#### RECORDED DATA:
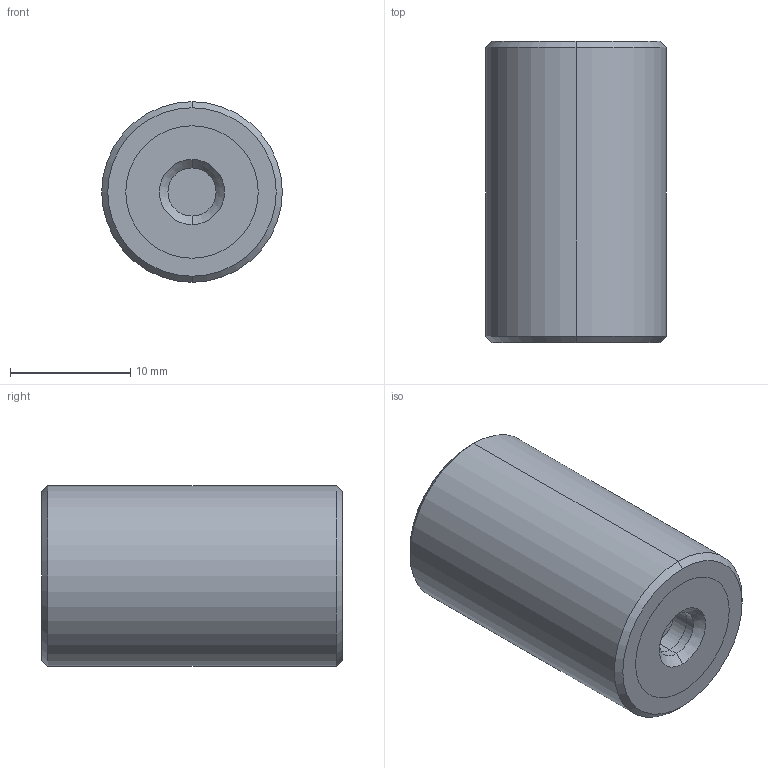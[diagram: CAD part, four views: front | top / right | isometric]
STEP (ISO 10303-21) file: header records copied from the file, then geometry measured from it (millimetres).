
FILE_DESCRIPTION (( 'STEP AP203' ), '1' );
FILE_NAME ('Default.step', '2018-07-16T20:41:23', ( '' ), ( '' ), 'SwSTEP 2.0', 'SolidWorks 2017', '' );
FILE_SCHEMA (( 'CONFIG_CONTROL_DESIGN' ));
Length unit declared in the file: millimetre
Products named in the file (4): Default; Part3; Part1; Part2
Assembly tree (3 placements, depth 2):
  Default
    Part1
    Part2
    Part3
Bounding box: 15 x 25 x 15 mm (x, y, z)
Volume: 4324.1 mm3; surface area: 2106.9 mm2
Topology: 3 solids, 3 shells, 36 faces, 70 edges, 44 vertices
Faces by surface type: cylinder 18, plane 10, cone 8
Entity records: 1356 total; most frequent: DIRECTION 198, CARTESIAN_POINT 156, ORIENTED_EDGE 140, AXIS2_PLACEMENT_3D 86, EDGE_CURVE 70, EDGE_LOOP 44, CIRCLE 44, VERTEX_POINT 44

#### INSTRUCTIONS FOR THE TASK:
Write the listing out exactly, word for word, but omit the pictures.

#### RESULT OF THIS EXERCISE:
[diagram: CAD part, four views: front | top / right | isometric]
STEP (ISO 10303-21) file: header records copied from the file, then geometry measured from it (millimetres).
FILE_DESCRIPTION (( 'STEP AP203' ), '1' );
FILE_NAME ('Default.step', '2018-07-16T20:41:23', ( '' ), ( '' ), 'SwSTEP 2.0', 'SolidWorks 2017', '' );
FILE_SCHEMA (( 'CONFIG_CONTROL_DESIGN' ));
Length unit declared in the file: millimetre
Products named in the file (4): Default; Part3; Part1; Part2
Assembly tree (3 placements, depth 2):
  Default
    Part1
    Part2
    Part3
Bounding box: 15 x 25 x 15 mm (x, y, z)
Volume: 4324.1 mm3; surface area: 2106.9 mm2
Topology: 3 solids, 3 shells, 36 faces, 70 edges, 44 vertices
Faces by surface type: cylinder 18, plane 10, cone 8
Entity records: 1356 total; most frequent: DIRECTION 198, CARTESIAN_POINT 156, ORIENTED_EDGE 140, AXIS2_PLACEMENT_3D 86, EDGE_CURVE 70, EDGE_LOOP 44, CIRCLE 44, VERTEX_POINT 44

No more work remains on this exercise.